To control how many CPUs and which CUDA devices are used, you can specify them as follows:

from libertem import api
from libertem.executor.dask import DaskJobExecutor, cluster_spec
from libertem.utils.devices import detect

# Find out what would be used, if you like
# returns dictionary with keys "cpus" and "cudas", each with a list of device ids
devices = detect()

# Example: Deactivate CUDA devices by removing them from the device dictionary
devices['cudas'] = []

# Example: Deactivate CuPy integration
devices['has_cupy'] = False

# Example: Use 3 CPUs. The IDs are ignored at the moment, i.e. no CPU pinning
devices['cpus'] = range(3)

# Generate a spec for a Dask.distributed SpecCluster
# Relevant kwargs match the dictionary entries
spec = cluster_spec(**devices)
# Start a local cluster with the custom spec
with DaskJobExecutor.make_local(spec=spec) as executor:
    ctx = api.Context(executor=executor)
    ...

Please see Dask.Distributed for a reference of the Dask-based executor.

Pipelined executor

New in version 0.10.0.

For live data processing using LiberTEM-live, the PipelinedExecutor provides a multiprocessing executor that routes the live data source in a round-robin fashion to worker processes. This is important to support processing that cannot keep up with the detector speed on a single CPU core. This executor also works for offline data sets in principle, but is not optimized for that use case.

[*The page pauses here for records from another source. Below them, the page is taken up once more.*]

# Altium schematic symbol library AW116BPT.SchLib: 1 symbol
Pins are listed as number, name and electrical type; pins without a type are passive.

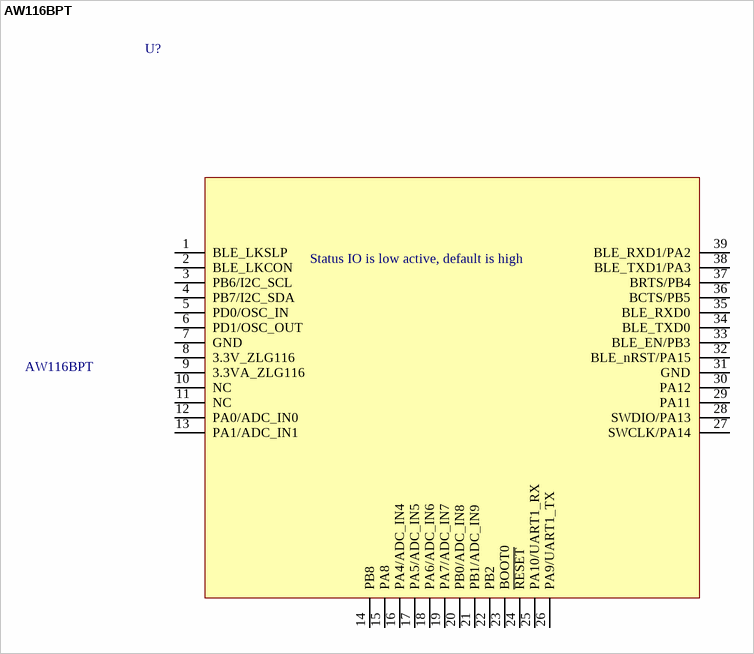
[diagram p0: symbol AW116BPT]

## AW116BPT
designator U?
footprint AW116BPT
footprint AW116BPT
pins: 1 BLE_LKSLP, 2 BLE_LKCON, 3 PB6/I2C_SCL, 4 PB7/I2C_SDA, 5 PD0/OSC_IN, 6 PD1/OSC_OUT, 7 GND, 8 3.3V_ZLG116, 9 3.3VA_ZLG116, 10 NC, 11 NC, 12 PA0/ADC_IN0, 13 PA1/ADC_IN1, 14 PB8, 15 PA8, 16 PA4/ADC_IN4, 17 PA5/ADC_IN5, 18 PA6/ADC_IN6, 19 PA7/ADC_IN7, 20 PB0/ADC_IN8, 21 PB1/ADC_IN9, 22 PB2, 23 BOOT0, 24 ~{RESET}, 25 PA10/UART1_RX, 26 PA9/UART1_TX, 27 SWCLK/PA14, 28 SWDIO/PA13, 29 PA11, 30 PA12, 31 GND, 32 BLE_nRST/PA15, 33 BLE_EN/PB3, 34 BLE_TXD0, 35 BLE_RXD0, 36 BCTS/PB5, 37 BRTS/PB4, 38 BLE_TXD1/PA3, 39 BLE_RXD1/PA2

Similar to the Dask-based executor, it is possible to customize the devices used for computation:

from libertem import api
from libertem.executor.pipelined import PipelinedExecutor
from libertem.utils.devices import detect

spec = PipelinedExecutor.make_spec(cpus=[0, 1, 2], cudas=[])
executor = PipelinedExecutor(
    spec=spec,
    pin_workers=False,  # set to True to keep worker processes pinned to specific CPU cores or CPUs
)
...
executor.close()

# you can also use the `detect` function as above:
spec2 = PipelinedExecutor.make_spec(**detect())

Please see Pipelined executor for a reference of the pipelined executor, and the LiberTEM-live documentation for details on live processing.